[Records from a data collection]
--------------------

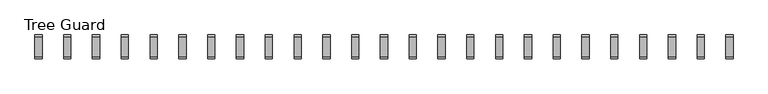
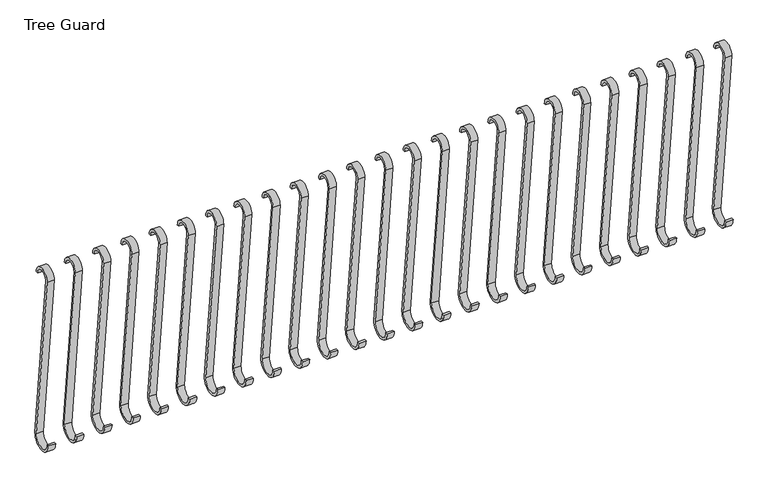
"""IFC4 building model written with IfcOpenShell, lengths in millimetres: railing geometry, Tree Guard."""

from ifc_helpers import new_model, si_unit, point, frame, frame_2d, origin, place, context, project, spatial, polyline, circle_curve, trimmed, segment, composite_curve, outline, extrude, source, transform, mapped, element, save


def tree_guard_682b009a(model_context):
    return source(origin(), model_context, "Body", "SweptSolid", [
        extrude(outline(composite_curve([segment(trimmed(circle_curve(frame_2d((-6558.5869829, 990.6)), 38.1), [point((-6520.4869829, 990.6))], [point((-6596.6815376, 991.2441257))], True, "CARTESIAN"), True, "CONTINUOUS"), segment(polyline([(-6596.6815376, 991.2441257), (-6495.0912061, 64.2323509)]), True, "CONTINUOUS"), segment(trimmed(circle_curve(frame_2d((-6558.5869829, 63.5)), 63.5), [point((-6495.0912061, 64.2323509))], [point((-6622.0869829, 63.5))], False, "CARTESIAN"), True, "CONTINUOUS"), segment(polyline([(-6622.0869829, 63.5), (-6609.3869829, 63.5)]), True, "CONTINUOUS"), segment(trimmed(circle_curve(frame_2d((-6558.5869829, 63.5)), 50.8), [point((-6609.3869829, 63.5))], [point((-6507.7869829, 63.5))], True, "CARTESIAN"), True, "CONTINUOUS"), segment(polyline([(-6507.7869829, 63.5), (-6609.3869829, 990.6)]), True, "CONTINUOUS"), segment(trimmed(circle_curve(frame_2d((-6558.5869829, 990.6)), 50.8), [point((-6609.3869829, 990.6))], [point((-6507.7869829, 990.6))], False, "CARTESIAN"), True, "CONTINUOUS"), segment(polyline([(-6507.7869829, 990.6), (-6520.4869829, 990.6)]), True, "CONTINUOUS")], self_intersect=False)), frame((2581.108432, 0.0, 0.0), z_axis=(1.0, 0.0, 0.0), x_axis=(0.0, 1.0, 0.0)), (0.0, 0.0, 1.0), 38.1),
        extrude(outline(composite_curve([segment(trimmed(circle_curve(frame_2d((-6558.5869829, 990.6)), 38.1), [point((-6520.4869829, 990.6))], [point((-6596.6815376, 991.2441257))], True, "CARTESIAN"), True, "CONTINUOUS"), segment(polyline([(-6596.6815376, 991.2441257), (-6495.0912061, 64.2323509)]), True, "CONTINUOUS"), segment(trimmed(circle_curve(frame_2d((-6558.5869829, 63.5)), 63.5), [point((-6495.0912061, 64.2323509))], [point((-6622.0869829, 63.5))], False, "CARTESIAN"), True, "CONTINUOUS"), segment(polyline([(-6622.0869829, 63.5), (-6609.3869829, 63.5)]), True, "CONTINUOUS"), segment(trimmed(circle_curve(frame_2d((-6558.5869829, 63.5)), 50.8), [point((-6609.3869829, 63.5))], [point((-6507.7869829, 63.5))], True, "CARTESIAN"), True, "CONTINUOUS"), segment(polyline([(-6507.7869829, 63.5), (-6609.3869829, 990.6)]), True, "CONTINUOUS"), segment(trimmed(circle_curve(frame_2d((-6558.5869829, 990.6)), 50.8), [point((-6609.3869829, 990.6))], [point((-6507.7869829, 990.6))], False, "CARTESIAN"), True, "CONTINUOUS"), segment(polyline([(-6507.7869829, 990.6), (-6520.4869829, 990.6)]), True, "CONTINUOUS")], self_intersect=False)), frame((2733.508432, 0.0, 0.0), z_axis=(1.0, 0.0, 0.0), x_axis=(0.0, 1.0, 0.0)), (0.0, 0.0, 1.0), 38.1),
        extrude(outline(composite_curve([segment(trimmed(circle_curve(frame_2d((-6558.5869829, 990.6)), 38.1), [point((-6520.4869829, 990.6))], [point((-6596.6815376, 991.2441257))], True, "CARTESIAN"), True, "CONTINUOUS"), segment(polyline([(-6596.6815376, 991.2441257), (-6495.0912061, 64.2323509)]), True, "CONTINUOUS"), segment(trimmed(circle_curve(frame_2d((-6558.5869829, 63.5)), 63.5), [point((-6495.0912061, 64.2323509))], [point((-6622.0869829, 63.5))], False, "CARTESIAN"), True, "CONTINUOUS"), segment(polyline([(-6622.0869829, 63.5), (-6609.3869829, 63.5)]), True, "CONTINUOUS"), segment(trimmed(circle_curve(frame_2d((-6558.5869829, 63.5)), 50.8), [point((-6609.3869829, 63.5))], [point((-6507.7869829, 63.5))], True, "CARTESIAN"), True, "CONTINUOUS"), segment(polyline([(-6507.7869829, 63.5), (-6609.3869829, 990.6)]), True, "CONTINUOUS"), segment(trimmed(circle_curve(frame_2d((-6558.5869829, 990.6)), 50.8), [point((-6609.3869829, 990.6))], [point((-6507.7869829, 990.6))], False, "CARTESIAN"), True, "CONTINUOUS"), segment(polyline([(-6507.7869829, 990.6), (-6520.4869829, 990.6)]), True, "CONTINUOUS")], self_intersect=False)), frame((2885.908432, 0.0, 0.0), z_axis=(1.0, 0.0, 0.0), x_axis=(0.0, 1.0, 0.0)), (0.0, 0.0, 1.0), 38.1),
        extrude(outline(composite_curve([segment(trimmed(circle_curve(frame_2d((-6558.5869829, 990.6)), 38.1), [point((-6520.4869829, 990.6))], [point((-6596.6815376, 991.2441257))], True, "CARTESIAN"), True, "CONTINUOUS"), segment(polyline([(-6596.6815376, 991.2441257), (-6495.0912061, 64.2323509)]), True, "CONTINUOUS"), segment(trimmed(circle_curve(frame_2d((-6558.5869829, 63.5)), 63.5), [point((-6495.0912061, 64.2323509))], [point((-6622.0869829, 63.5))], False, "CARTESIAN"), True, "CONTINUOUS"), segment(polyline([(-6622.0869829, 63.5), (-6609.3869829, 63.5)]), True, "CONTINUOUS"), segment(trimmed(circle_curve(frame_2d((-6558.5869829, 63.5)), 50.8), [point((-6609.3869829, 63.5))], [point((-6507.7869829, 63.5))], True, "CARTESIAN"), True, "CONTINUOUS"), segment(polyline([(-6507.7869829, 63.5), (-6609.3869829, 990.6)]), True, "CONTINUOUS"), segment(trimmed(circle_curve(frame_2d((-6558.5869829, 990.6)), 50.8), [point((-6609.3869829, 990.6))], [point((-6507.7869829, 990.6))], False, "CARTESIAN"), True, "CONTINUOUS"), segment(polyline([(-6507.7869829, 990.6), (-6520.4869829, 990.6)]), True, "CONTINUOUS")], self_intersect=False)), frame((3038.308432, 0.0, 0.0), z_axis=(1.0, 0.0, 0.0), x_axis=(0.0, 1.0, 0.0)), (0.0, 0.0, 1.0), 38.1),
        extrude(outline(composite_curve([segment(trimmed(circle_curve(frame_2d((-6558.5869829, 990.6)), 38.1), [point((-6520.4869829, 990.6))], [point((-6596.6815376, 991.2441257))], True, "CARTESIAN"), True, "CONTINUOUS"), segment(polyline([(-6596.6815376, 991.2441257), (-6495.0912061, 64.2323509)]), True, "CONTINUOUS"), segment(trimmed(circle_curve(frame_2d((-6558.5869829, 63.5)), 63.5), [point((-6495.0912061, 64.2323509))], [point((-6622.0869829, 63.5))], False, "CARTESIAN"), True, "CONTINUOUS"), segment(polyline([(-6622.0869829, 63.5), (-6609.3869829, 63.5)]), True, "CONTINUOUS"), segment(trimmed(circle_curve(frame_2d((-6558.5869829, 63.5)), 50.8), [point((-6609.3869829, 63.5))], [point((-6507.7869829, 63.5))], True, "CARTESIAN"), True, "CONTINUOUS"), segment(polyline([(-6507.7869829, 63.5), (-6609.3869829, 990.6)]), True, "CONTINUOUS"), segment(trimmed(circle_curve(frame_2d((-6558.5869829, 990.6)), 50.8), [point((-6609.3869829, 990.6))], [point((-6507.7869829, 990.6))], False, "CARTESIAN"), True, "CONTINUOUS"), segment(polyline([(-6507.7869829, 990.6), (-6520.4869829, 990.6)]), True, "CONTINUOUS")], self_intersect=False)), frame((3190.708432, 0.0, 0.0), z_axis=(1.0, 0.0, 0.0), x_axis=(0.0, 1.0, 0.0)), (0.0, 0.0, 1.0), 38.1),
        extrude(outline(composite_curve([segment(trimmed(circle_curve(frame_2d((-6558.5869829, 990.6)), 38.1), [point((-6520.4869829, 990.6))], [point((-6596.6815376, 991.2441257))], True, "CARTESIAN"), True, "CONTINUOUS"), segment(polyline([(-6596.6815376, 991.2441257), (-6495.0912061, 64.2323509)]), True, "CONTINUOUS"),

--------------------

Work to complete: From the records above, pull out each line that has "source".

Task result:
from ifc_helpers import new_model, si_unit, point, frame, frame_2d, origin, place, context, project, spatial, polyline, circle_curve, trimmed, segment, composite_curve, outline, extrude, source, transform, mapped, element, save
    return source(origin(), model_context, "Body", "SweptSolid", [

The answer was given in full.